═════ Exercise data

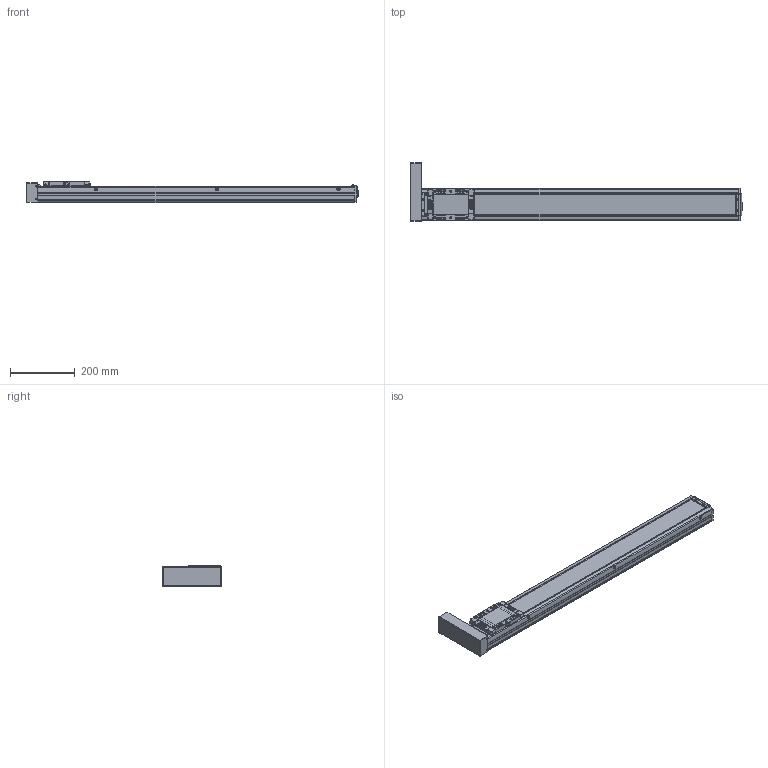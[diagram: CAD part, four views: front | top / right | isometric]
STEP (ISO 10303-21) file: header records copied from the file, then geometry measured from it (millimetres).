
FILE_DESCRIPTION(('STEP AP214'),'1');
FILE_NAME('Z:/Web/3D/SAN100/SAN100 양산용 (STEP)/SAN100ㅁㅁ-800PL.stp','2013-04-30T01:21:05',(' '),(' '),'Spatial InterOp 3D',' ',' ');
FILE_SCHEMA(('automotive_design'));
Length unit declared in the file: millimetre
Products named in the file (33): BTCV-SAN65; BHCS M3 X 6L; SUS COVER; SFX-SAN100; RRCV-SAN100; 스크루 : Round - M4.0 x 10.0; M3.0 x 6.0; 스크루 : Round - M3.0 x 6.0; FRBL-SAN100; SLBL-SAN100; SLCV-SAN100; 스크루 : Countersunk - M3.0 x 6.0; BASE; 스크루 : Round - M5.0 x 6.0
Bounding box: 1026.5 x 184.13 x 66 mm (x, y, z)
Volume: 3011940.6 mm3; surface area: 683147.9 mm2
Topology: 33 solids, 34 shells, 1994 faces, 5210 edges, 3345 vertices
Faces by surface type: plane 959, cylinder 767, cone 186, sphere 48, torus 18, bspline 16
Entity records: 78810 total; most frequent: CARTESIAN_POINT 12088, DIRECTION 10985, ORIENTED_EDGE 10216, EDGE_CURVE 5108, AXIS2_PLACEMENT_3D 3975, VERTEX_POINT 3345, LINE 3035, VECTOR 3035

══════════

*Assignment*: Output the records above exactly as they are, leaving out the pictures.

*Solution below*:
[diagram: CAD part, four views: front | top / right | isometric]
STEP (ISO 10303-21) file: header records copied from the file, then geometry measured from it (millimetres).
FILE_DESCRIPTION(('STEP AP214'),'1');
FILE_NAME('Z:/Web/3D/SAN100/SAN100 양산용 (STEP)/SAN100ㅁㅁ-800PL.stp','2013-04-30T01:21:05',(' '),(' '),'Spatial InterOp 3D',' ',' ');
FILE_SCHEMA(('automotive_design'));
Length unit declared in the file: millimetre
Products named in the file (33): BTCV-SAN65; BHCS M3 X 6L; SUS COVER; SFX-SAN100; RRCV-SAN100; 스크루 : Round - M4.0 x 10.0; M3.0 x 6.0; 스크루 : Round - M3.0 x 6.0; FRBL-SAN100; SLBL-SAN100; SLCV-SAN100; 스크루 : Countersunk - M3.0 x 6.0; BASE; 스크루 : Round - M5.0 x 6.0
Bounding box: 1026.5 x 184.13 x 66 mm (x, y, z)
Volume: 3011940.6 mm3; surface area: 683147.9 mm2
Topology: 33 solids, 34 shells, 1994 faces, 5210 edges, 3345 vertices
Faces by surface type: plane 959, cylinder 767, cone 186, sphere 48, torus 18, bspline 16
Entity records: 78810 total; most frequent: CARTESIAN_POINT 12088, DIRECTION 10985, ORIENTED_EDGE 10216, EDGE_CURVE 5108, AXIS2_PLACEMENT_3D 3975, VERTEX_POINT 3345, LINE 3035, VECTOR 3035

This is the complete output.